Records for this task

* * * * *

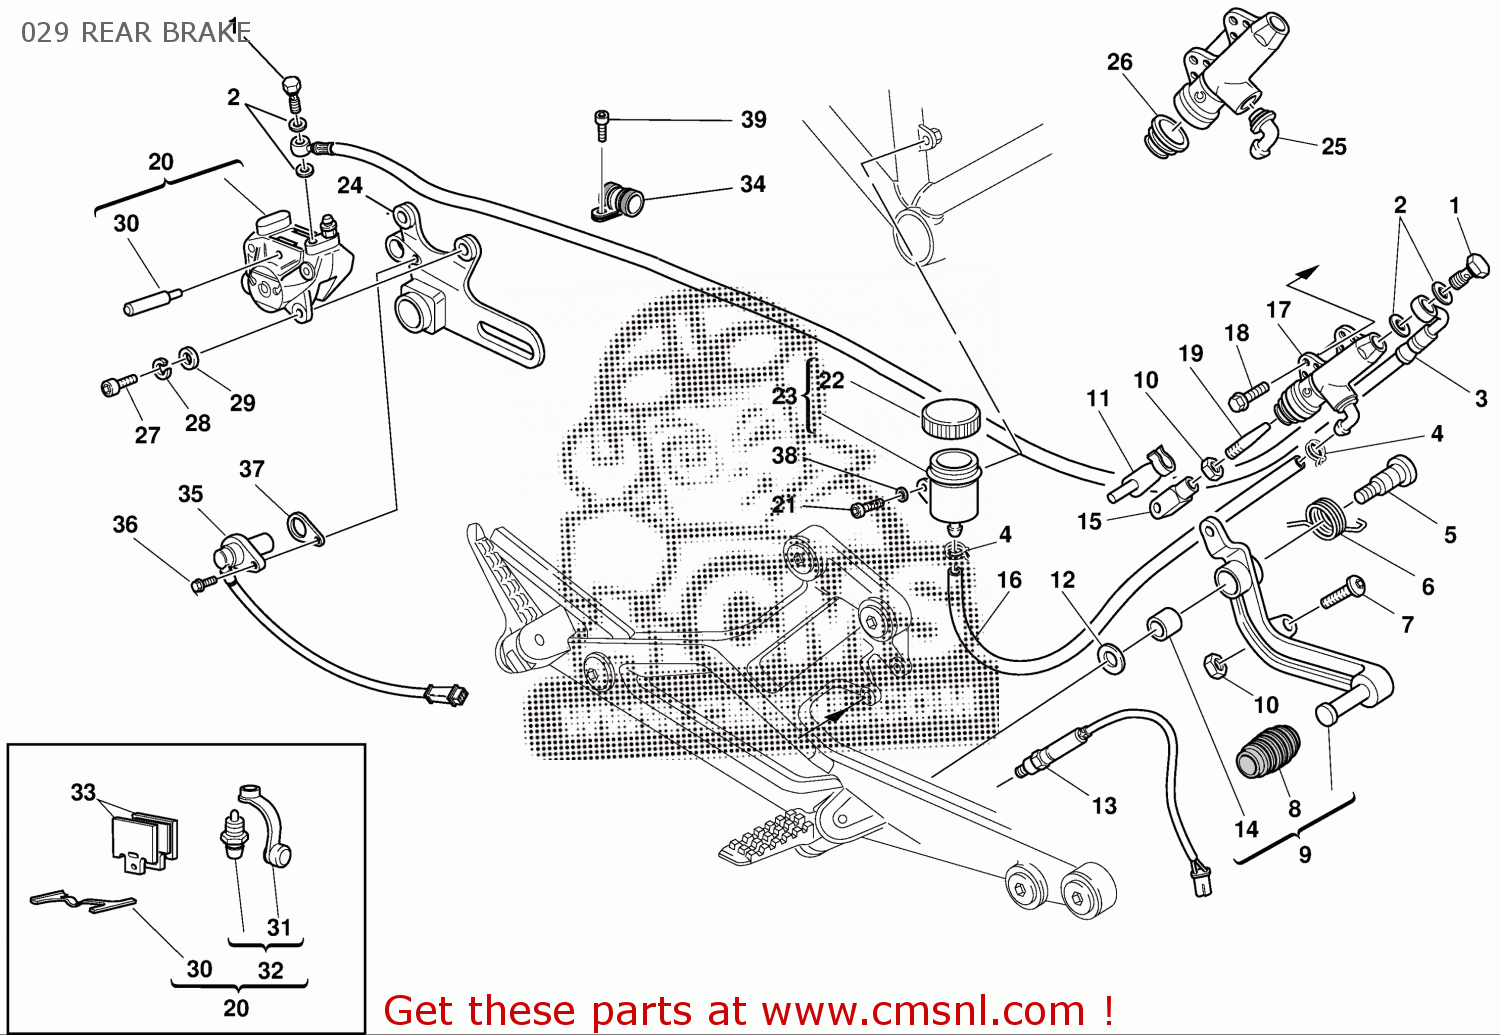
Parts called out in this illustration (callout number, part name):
1	BOLT, BRAKE HOSE
2	COPPER GASKET 11.9X8.2X2
3	REAR BRAKE HOSE
4	CLAMP
5	PIN PEDAL
6	SPRING
7	SCREW, SPECIAL
8	RUBBER PAD
9	PEDAL, BRAKE
10	NUT
11	SPRING
12	WASHER
13	SWITCH, REAR BRAKE
14	BUSH
15	YOKE
16	HOSE, OIL
17	REAR BRAKE PUMP
18	SCREW M6X20
19	ROD, BRAKE
20	REAR BRAKE CALIPER
21	BOLT.HEXAGON SOCKET HEAD M6X10
22	CLUTCH BRAKE PUMP COVER KIT
23	RESERVOIR, BRAKE FLUID
24	BRACKET, REAR CALIPER
25	JOINT, HOSE
26	DUST COVER
27	SCREW M8X25
28	WASHER, SPRING
29	WASHER
30	PAD PINS OVERHAUL KIT
31	DUST PLUG
32	BREATHER VALVE
33	REAR BRAKE PADS SET
34	HOSE CLAMP 8 MM
35	SENSOR, SPEED
36	SCREW
37	SPACER
38	WASHER
39	SCREW TE M5X0.8X16 CH8

* * * * *

Task details
What is needed is every record above, restated word for word, with the pictures left out.

Exercise response
Parts called out in this illustration (callout number, part name):
1	BOLT, BRAKE HOSE
2	COPPER GASKET 11.9X8.2X2
3	REAR BRAKE HOSE
4	CLAMP
5	PIN PEDAL
6	SPRING
7	SCREW, SPECIAL
8	RUBBER PAD
9	PEDAL, BRAKE
10	NUT
11	SPRING
12	WASHER
13	SWITCH, REAR BRAKE
14	BUSH
15	YOKE
16	HOSE, OIL
17	REAR BRAKE PUMP
18	SCREW M6X20
19	ROD, BRAKE
20	REAR BRAKE CALIPER
21	BOLT.HEXAGON SOCKET HEAD M6X10
22	CLUTCH BRAKE PUMP COVER KIT
23	RESERVOIR, BRAKE FLUID
24	BRACKET, REAR CALIPER
25	JOINT, HOSE
26	DUST COVER
27	SCREW M8X25
28	WASHER, SPRING
29	WASHER
30	PAD PINS OVERHAUL KIT
31	DUST PLUG
32	BREATHER VALVE
33	REAR BRAKE PADS SET
34	HOSE CLAMP 8 MM
35	SENSOR, SPEED
36	SCREW
37	SPACER
38	WASHER
39	SCREW TE M5X0.8X16 CH8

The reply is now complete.